* Problem requirements
For this exercise, output the line containing "#11351 = EDGE_CURVE" and every line after it through the end of the records, exactly, and no other line.

* Data listing
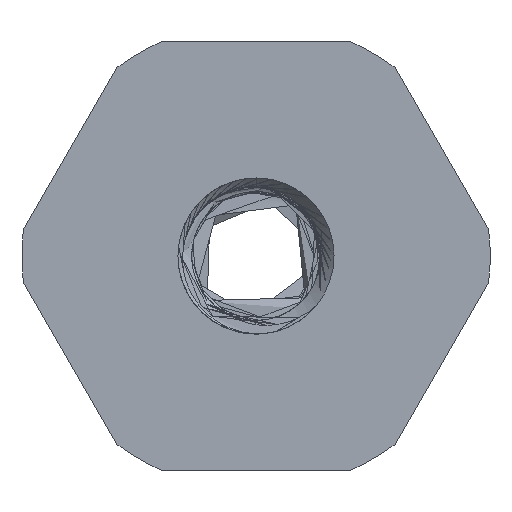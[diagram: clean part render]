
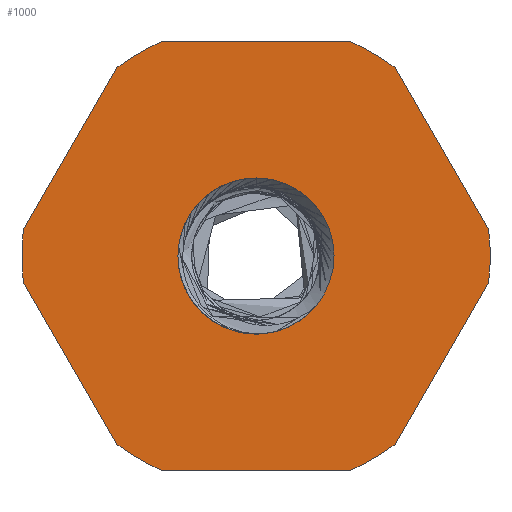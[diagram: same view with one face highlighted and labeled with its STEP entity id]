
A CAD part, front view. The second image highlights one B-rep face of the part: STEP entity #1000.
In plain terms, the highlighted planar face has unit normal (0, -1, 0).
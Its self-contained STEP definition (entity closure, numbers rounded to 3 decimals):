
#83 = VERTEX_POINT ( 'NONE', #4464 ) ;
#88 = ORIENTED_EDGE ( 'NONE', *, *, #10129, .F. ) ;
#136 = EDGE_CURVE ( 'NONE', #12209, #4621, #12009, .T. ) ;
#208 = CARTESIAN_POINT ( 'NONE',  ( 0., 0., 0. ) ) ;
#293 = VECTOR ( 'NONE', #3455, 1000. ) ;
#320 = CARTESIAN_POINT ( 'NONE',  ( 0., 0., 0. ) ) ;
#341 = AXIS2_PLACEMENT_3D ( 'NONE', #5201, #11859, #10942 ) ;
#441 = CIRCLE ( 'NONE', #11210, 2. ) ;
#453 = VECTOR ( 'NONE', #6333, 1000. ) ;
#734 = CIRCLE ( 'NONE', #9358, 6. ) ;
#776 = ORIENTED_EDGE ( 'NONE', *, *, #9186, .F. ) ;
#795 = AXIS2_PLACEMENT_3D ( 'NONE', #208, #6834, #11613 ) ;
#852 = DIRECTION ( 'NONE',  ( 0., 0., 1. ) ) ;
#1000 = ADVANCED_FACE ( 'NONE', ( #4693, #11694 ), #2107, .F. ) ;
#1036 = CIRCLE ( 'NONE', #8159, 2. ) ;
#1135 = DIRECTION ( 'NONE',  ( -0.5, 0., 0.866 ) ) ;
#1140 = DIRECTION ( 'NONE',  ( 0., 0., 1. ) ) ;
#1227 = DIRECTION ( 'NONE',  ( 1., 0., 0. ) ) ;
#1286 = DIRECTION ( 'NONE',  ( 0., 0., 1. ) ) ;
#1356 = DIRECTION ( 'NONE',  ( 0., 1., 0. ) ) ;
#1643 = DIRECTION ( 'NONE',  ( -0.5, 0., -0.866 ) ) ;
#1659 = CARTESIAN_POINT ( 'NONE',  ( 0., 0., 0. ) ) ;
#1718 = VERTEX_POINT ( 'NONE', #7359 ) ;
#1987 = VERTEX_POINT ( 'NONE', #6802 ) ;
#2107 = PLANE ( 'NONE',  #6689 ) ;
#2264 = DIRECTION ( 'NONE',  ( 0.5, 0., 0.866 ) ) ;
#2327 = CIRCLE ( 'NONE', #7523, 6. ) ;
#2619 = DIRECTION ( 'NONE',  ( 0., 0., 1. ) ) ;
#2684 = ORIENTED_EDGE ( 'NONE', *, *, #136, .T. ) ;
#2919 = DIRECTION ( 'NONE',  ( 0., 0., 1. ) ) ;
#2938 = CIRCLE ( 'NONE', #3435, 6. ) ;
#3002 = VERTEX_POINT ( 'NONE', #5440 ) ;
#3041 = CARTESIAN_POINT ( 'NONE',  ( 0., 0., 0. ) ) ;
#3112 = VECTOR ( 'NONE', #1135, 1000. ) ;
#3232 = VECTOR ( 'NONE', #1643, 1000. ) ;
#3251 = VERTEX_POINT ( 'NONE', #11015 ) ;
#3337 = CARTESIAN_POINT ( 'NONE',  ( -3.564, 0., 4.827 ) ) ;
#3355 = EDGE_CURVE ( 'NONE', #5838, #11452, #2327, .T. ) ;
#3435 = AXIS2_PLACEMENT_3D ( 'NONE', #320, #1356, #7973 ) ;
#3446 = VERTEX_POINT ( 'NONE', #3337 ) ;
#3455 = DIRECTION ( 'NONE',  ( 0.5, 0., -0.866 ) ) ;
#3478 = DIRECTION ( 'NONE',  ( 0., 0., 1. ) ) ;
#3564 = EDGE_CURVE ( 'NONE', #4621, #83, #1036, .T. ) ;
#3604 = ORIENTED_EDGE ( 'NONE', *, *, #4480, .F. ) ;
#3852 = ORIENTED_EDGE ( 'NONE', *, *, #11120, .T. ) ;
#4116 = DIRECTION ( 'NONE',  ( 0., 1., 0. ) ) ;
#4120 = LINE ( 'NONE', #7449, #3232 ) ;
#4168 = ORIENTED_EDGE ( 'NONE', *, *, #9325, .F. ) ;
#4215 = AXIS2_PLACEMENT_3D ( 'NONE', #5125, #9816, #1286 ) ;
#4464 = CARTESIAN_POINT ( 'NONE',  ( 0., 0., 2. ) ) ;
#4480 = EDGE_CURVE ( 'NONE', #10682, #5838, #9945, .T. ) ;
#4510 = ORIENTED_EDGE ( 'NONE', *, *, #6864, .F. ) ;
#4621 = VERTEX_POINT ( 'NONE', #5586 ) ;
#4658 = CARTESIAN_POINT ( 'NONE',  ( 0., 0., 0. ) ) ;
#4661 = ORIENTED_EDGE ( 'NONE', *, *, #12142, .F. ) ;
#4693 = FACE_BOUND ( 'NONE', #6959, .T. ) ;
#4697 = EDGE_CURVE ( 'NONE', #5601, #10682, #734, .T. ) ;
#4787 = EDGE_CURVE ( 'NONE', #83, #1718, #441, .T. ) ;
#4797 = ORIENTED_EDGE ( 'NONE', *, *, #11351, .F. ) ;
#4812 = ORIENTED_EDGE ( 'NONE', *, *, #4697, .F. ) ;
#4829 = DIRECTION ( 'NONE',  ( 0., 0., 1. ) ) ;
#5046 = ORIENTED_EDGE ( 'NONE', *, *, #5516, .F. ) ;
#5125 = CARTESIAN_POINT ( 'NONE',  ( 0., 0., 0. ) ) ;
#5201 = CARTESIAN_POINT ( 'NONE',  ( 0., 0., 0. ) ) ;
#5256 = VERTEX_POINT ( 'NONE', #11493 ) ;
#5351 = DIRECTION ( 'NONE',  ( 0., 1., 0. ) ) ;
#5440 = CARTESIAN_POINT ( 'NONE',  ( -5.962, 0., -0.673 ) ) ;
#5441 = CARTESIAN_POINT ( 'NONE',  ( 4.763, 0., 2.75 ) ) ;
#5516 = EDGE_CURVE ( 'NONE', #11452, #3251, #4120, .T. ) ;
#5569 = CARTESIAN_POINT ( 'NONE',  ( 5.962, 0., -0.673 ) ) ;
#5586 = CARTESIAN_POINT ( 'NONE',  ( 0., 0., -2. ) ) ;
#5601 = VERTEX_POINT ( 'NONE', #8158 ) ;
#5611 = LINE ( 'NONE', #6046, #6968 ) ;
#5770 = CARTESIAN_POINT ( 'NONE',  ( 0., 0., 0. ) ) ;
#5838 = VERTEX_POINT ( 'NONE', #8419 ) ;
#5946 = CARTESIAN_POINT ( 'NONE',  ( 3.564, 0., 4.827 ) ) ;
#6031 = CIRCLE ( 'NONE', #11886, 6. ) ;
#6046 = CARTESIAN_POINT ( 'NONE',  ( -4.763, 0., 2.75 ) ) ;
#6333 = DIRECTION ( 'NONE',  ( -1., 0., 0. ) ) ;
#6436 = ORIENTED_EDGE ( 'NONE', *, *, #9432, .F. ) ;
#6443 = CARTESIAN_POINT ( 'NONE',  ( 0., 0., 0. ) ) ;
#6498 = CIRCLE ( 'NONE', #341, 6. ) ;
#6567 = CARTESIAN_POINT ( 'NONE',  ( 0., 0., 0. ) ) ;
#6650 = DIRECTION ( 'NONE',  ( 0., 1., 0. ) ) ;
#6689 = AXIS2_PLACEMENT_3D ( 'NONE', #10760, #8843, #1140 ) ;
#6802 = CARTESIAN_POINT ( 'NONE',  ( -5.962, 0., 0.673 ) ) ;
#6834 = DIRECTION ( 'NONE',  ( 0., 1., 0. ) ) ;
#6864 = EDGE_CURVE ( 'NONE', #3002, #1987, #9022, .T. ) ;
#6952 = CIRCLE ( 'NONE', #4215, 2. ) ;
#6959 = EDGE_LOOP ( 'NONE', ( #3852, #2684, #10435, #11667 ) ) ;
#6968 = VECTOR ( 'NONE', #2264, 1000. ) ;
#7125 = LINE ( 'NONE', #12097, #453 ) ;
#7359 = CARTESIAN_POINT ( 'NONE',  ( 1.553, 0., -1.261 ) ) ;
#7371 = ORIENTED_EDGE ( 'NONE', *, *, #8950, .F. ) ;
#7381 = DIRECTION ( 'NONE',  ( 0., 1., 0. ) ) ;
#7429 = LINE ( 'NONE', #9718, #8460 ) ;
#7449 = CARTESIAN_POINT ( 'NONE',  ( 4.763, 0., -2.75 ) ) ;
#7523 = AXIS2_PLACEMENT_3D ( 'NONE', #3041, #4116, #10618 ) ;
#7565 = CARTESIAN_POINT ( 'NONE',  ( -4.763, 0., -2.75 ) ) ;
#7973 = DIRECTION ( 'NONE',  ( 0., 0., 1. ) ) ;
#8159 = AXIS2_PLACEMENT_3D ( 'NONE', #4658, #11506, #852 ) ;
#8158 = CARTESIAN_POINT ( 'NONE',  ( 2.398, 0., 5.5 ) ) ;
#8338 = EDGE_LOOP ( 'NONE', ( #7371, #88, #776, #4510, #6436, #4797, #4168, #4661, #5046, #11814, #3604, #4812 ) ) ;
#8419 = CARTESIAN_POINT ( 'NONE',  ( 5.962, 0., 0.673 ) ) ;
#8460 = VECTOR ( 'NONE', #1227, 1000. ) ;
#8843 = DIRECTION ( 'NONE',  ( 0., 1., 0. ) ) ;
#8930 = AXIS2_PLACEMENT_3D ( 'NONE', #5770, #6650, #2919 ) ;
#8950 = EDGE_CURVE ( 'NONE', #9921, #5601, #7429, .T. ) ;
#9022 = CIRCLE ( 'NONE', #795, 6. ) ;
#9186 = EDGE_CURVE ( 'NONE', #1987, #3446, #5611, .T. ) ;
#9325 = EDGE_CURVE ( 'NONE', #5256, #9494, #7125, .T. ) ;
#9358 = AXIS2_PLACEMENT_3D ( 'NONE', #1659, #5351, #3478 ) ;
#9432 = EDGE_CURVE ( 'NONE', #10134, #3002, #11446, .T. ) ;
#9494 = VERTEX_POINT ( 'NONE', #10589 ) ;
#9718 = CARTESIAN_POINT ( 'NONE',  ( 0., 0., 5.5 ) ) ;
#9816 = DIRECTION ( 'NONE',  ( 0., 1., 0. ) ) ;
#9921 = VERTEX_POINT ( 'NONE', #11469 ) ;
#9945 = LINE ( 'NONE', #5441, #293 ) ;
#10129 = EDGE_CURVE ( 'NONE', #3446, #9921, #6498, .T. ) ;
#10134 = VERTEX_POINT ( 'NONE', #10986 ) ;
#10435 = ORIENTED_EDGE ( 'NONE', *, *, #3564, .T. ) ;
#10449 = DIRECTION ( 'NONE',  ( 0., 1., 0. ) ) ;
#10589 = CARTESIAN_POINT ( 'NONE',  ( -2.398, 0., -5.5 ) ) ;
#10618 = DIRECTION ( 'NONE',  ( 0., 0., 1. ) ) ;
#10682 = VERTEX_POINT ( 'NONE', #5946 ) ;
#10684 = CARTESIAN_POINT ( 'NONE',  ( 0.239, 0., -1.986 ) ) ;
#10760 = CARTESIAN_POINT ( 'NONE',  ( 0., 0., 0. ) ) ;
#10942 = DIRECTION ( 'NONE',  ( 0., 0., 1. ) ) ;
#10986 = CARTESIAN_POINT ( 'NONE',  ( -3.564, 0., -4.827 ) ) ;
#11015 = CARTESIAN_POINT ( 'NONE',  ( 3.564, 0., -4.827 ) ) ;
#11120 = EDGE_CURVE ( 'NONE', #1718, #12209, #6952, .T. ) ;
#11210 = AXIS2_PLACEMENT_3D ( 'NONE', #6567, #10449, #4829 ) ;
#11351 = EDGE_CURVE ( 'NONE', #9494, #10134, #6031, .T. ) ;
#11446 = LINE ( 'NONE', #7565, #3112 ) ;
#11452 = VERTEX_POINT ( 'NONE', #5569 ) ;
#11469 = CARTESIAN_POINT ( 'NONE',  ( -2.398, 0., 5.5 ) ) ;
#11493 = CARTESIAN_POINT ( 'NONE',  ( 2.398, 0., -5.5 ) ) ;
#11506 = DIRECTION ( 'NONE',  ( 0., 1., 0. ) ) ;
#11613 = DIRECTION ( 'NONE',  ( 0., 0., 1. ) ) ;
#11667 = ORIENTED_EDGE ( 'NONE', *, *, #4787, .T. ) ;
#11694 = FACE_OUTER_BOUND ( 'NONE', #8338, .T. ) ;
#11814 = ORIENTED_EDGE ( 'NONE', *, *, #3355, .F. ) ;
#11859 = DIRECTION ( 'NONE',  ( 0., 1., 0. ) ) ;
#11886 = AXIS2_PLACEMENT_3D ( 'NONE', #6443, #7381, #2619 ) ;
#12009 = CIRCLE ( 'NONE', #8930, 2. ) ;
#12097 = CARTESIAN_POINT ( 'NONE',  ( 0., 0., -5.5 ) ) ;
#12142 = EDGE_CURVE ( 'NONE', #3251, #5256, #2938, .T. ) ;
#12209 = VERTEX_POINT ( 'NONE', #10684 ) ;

* Result
#11351 = EDGE_CURVE ( 'NONE', #9494, #10134, #6031, .T. ) ;
#11446 = LINE ( 'NONE', #7565, #3112 ) ;
#11452 = VERTEX_POINT ( 'NONE', #5569 ) ;
#11469 = CARTESIAN_POINT ( 'NONE',  ( -2.398, 0., 5.5 ) ) ;
#11493 = CARTESIAN_POINT ( 'NONE',  ( 2.398, 0., -5.5 ) ) ;
#11506 = DIRECTION ( 'NONE',  ( 0., 1., 0. ) ) ;
#11613 = DIRECTION ( 'NONE',  ( 0., 0., 1. ) ) ;
#11667 = ORIENTED_EDGE ( 'NONE', *, *, #4787, .T. ) ;
#11694 = FACE_OUTER_BOUND ( 'NONE', #8338, .T. ) ;
#11814 = ORIENTED_EDGE ( 'NONE', *, *, #3355, .F. ) ;
#11859 = DIRECTION ( 'NONE',  ( 0., 1., 0. ) ) ;
#11886 = AXIS2_PLACEMENT_3D ( 'NONE', #6443, #7381, #2619 ) ;
#12009 = CIRCLE ( 'NONE', #8930, 2. ) ;
#12097 = CARTESIAN_POINT ( 'NONE',  ( 0., 0., -5.5 ) ) ;
#12142 = EDGE_CURVE ( 'NONE', #3251, #5256, #2938, .T. ) ;
#12209 = VERTEX_POINT ( 'NONE', #10684 ) ;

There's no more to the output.